■ **Assigned task**
Give the data below again exactly as it stands. Omit the pictures.

** Data extracts follows **

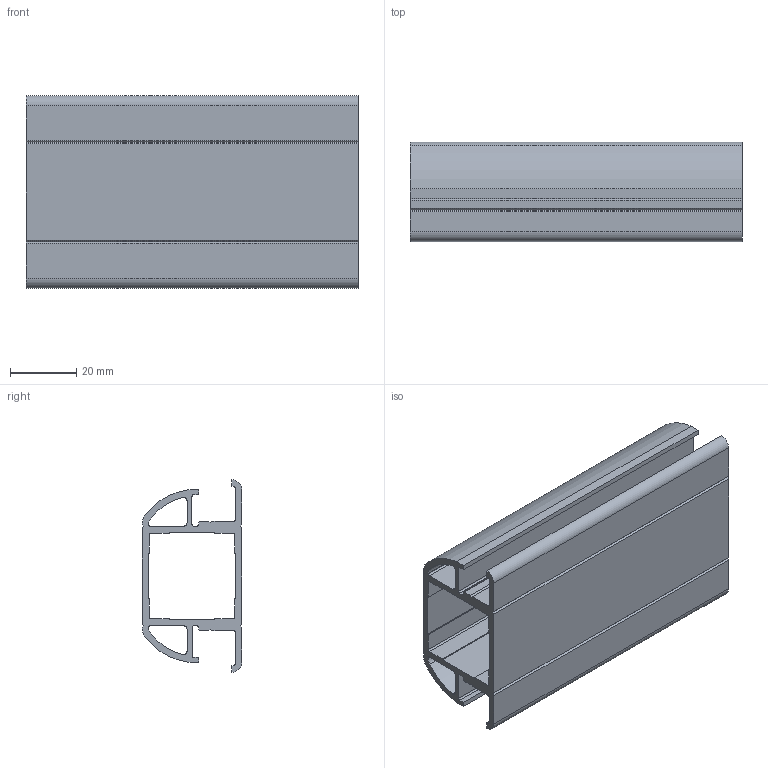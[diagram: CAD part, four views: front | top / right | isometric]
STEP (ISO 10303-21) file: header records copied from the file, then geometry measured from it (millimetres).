
FILE_DESCRIPTION (( 'STEP AP203' ), '1' );
FILE_NAME ('B30032A.STEP', '2017-03-22T11:29:33', ( 'Localadmin' ), ( 'Microsoft' ), 'SwSTEP 2.0', 'SolidWorks 2016', '' );
FILE_SCHEMA (( 'CONFIG_CONTROL_DESIGN' ));
Length unit declared in the file: millimetre
Products named in the file (1): B30032A
Bounding box: 100 x 30 x 58 mm (x, y, z)
Volume: 41462.6 mm3; surface area: 39980.9 mm2
Topology: 1 solids, 1 shells, 101 faces, 297 edges, 198 vertices
Faces by surface type: plane 68, cylinder 33
Entity records: 3446 total; most frequent: CARTESIAN_POINT 597, ORIENTED_EDGE 594, DIRECTION 567, EDGE_CURVE 297, VECTOR 231, LINE 231, VERTEX_POINT 198, AXIS2_PLACEMENT_3D 168

** End of Data extracts **

■ **Answer to this problem**
[diagram: CAD part, four views: front | top / right | isometric]
STEP (ISO 10303-21) file: header records copied from the file, then geometry measured from it (millimetres).
FILE_DESCRIPTION (( 'STEP AP203' ), '1' );
FILE_NAME ('B30032A.STEP', '2017-03-22T11:29:33', ( 'Localadmin' ), ( 'Microsoft' ), 'SwSTEP 2.0', 'SolidWorks 2016', '' );
FILE_SCHEMA (( 'CONFIG_CONTROL_DESIGN' ));
Length unit declared in the file: millimetre
Products named in the file (1): B30032A
Bounding box: 100 x 30 x 58 mm (x, y, z)
Volume: 41462.6 mm3; surface area: 39980.9 mm2
Topology: 1 solids, 1 shells, 101 faces, 297 edges, 198 vertices
Faces by surface type: plane 68, cylinder 33
Entity records: 3446 total; most frequent: CARTESIAN_POINT 597, ORIENTED_EDGE 594, DIRECTION 567, EDGE_CURVE 297, VECTOR 231, LINE 231, VERTEX_POINT 198, AXIS2_PLACEMENT_3D 168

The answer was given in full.